Malik of Dizak
- Reign: 1805 – 1822
- Predecessor: Malik Abbas bey
- Successor: abolished
- Born: 1787 Tugh village, Dizak Principality, Karabakh Khanate
- Died: 1832
- Burial: Tugh village, Karabakh, Russian Empire
- Issue: sons: Shirin bey, Farhad bey, Aligulu bey, Firudin bey, Najaf bey, Abbas bey
- Dynasty: Avanids
- Father: Baghdad bey
- Religion: Islam

= Aslan-bey Melik-Yeganyan =

Malik Aslan bey (1787, Tugh—1832, Tugh) is the naib (deputy) of the Dizak region, the ancestor of the Malik-Aslanov family.

== Biography ==
He was born in 1787 the village of Tugh village of Dizak and was descended from the Avanid dynasty.

Malik Aslan bey's father Baghdad bey was converted to Islam. Under the son of the last Mehdigulu Khan (1806—1822), Malik Aslan bey served as minbashi (chief of troops).

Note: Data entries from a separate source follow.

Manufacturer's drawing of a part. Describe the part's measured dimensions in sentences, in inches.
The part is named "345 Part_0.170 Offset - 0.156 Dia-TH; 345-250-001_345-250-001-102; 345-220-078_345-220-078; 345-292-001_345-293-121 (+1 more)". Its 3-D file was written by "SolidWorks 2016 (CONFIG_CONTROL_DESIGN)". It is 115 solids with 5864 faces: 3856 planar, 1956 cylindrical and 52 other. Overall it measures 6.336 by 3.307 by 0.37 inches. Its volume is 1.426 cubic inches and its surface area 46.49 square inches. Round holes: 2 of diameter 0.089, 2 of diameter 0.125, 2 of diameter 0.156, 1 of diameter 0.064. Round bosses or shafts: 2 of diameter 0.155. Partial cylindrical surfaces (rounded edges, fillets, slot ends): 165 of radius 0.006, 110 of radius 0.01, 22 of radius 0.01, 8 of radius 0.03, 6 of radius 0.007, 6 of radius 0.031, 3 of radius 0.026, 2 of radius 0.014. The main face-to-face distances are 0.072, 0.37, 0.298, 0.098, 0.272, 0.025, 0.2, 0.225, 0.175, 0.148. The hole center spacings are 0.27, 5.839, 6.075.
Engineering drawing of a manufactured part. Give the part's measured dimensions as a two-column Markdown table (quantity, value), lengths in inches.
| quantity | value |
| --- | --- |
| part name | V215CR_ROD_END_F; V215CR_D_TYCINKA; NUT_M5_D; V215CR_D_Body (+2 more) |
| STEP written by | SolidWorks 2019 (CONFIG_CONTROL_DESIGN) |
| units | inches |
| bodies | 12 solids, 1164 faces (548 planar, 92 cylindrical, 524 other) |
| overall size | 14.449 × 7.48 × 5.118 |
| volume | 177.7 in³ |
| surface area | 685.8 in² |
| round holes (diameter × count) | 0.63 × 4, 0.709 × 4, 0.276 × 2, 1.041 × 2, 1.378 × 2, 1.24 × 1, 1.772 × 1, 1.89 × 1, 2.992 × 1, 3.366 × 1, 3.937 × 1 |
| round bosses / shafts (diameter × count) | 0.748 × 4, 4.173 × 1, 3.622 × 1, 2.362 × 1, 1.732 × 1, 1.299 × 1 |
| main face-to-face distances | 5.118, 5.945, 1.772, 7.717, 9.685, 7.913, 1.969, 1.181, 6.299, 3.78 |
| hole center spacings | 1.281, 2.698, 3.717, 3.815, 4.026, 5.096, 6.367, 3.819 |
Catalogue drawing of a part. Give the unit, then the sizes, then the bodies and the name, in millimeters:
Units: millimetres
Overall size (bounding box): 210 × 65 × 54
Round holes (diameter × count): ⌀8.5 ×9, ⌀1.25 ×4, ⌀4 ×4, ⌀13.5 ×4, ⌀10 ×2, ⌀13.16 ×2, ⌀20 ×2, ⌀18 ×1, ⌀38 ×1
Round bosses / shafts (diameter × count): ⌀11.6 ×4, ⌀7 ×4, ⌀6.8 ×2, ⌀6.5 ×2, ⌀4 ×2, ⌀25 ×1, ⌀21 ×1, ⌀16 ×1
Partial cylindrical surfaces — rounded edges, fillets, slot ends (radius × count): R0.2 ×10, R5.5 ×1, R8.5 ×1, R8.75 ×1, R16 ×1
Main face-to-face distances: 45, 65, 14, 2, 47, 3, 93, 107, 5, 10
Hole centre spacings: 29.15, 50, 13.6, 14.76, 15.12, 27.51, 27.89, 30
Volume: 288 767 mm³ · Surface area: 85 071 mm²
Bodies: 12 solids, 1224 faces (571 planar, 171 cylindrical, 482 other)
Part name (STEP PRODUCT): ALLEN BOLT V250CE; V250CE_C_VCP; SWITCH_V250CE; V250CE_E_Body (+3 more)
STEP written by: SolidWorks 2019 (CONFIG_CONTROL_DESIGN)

Historian Mir Mehdi Khazani writes in his work Kitabi-tarikhi-Karabagh (History of Karabakh), "But later, during the era of the late Mehdigulu Khan and the state of Russia, Malik Aslan bey and his sons again found progress and became governors and viceroys of the districts. Sardar (commander) Paskevich spent some time with the army in Takhti-tavus in Karabakh, which is in the district of Dizak. Malik Aslan bey Dizaki has been very worthy in the service of sardar Paskevich since then. During his reign he prepared a lot of copper and supplies for the army, and satisfied the commander and the army".

Some villages in this region were also under his control. According to the inventories of 1823, 1832, 1848-1849, 1863, all the main members of the clan (meaning the descendants of Malik Aslan and his brothers) are shown among the beys.

Malik Aslan bey died in 1832 and was buried in the village of Tugh.

== Descendants ==
Malik Aslan bey's sons: Shirin bey (1803, Tugh–1863, Tugh), Hajji Farhad bey (15.06.1805, Tugh–1889, Tugh), Karbalai Aligulu bey (1810, Tugh–?), Firudin bey (15.06.1811, Tugh–27.05.1857, Tugh), Najaf bey (1816, Tugh–?), Hajji Abbas bey (1817, Tugh–1891, Tugh).

== Sources ==
- Anvar Chingizoglu. Məlik Yeqan və onun törəmələri. "Soy" elmi-kütləvi dərgi, 2011, № 3, pp. 23–34.
- State Historical Archive of the Republic of Azerbaijan (ГИААР).Ф.24.Оп. 1. Д. 142. pp. 205–207.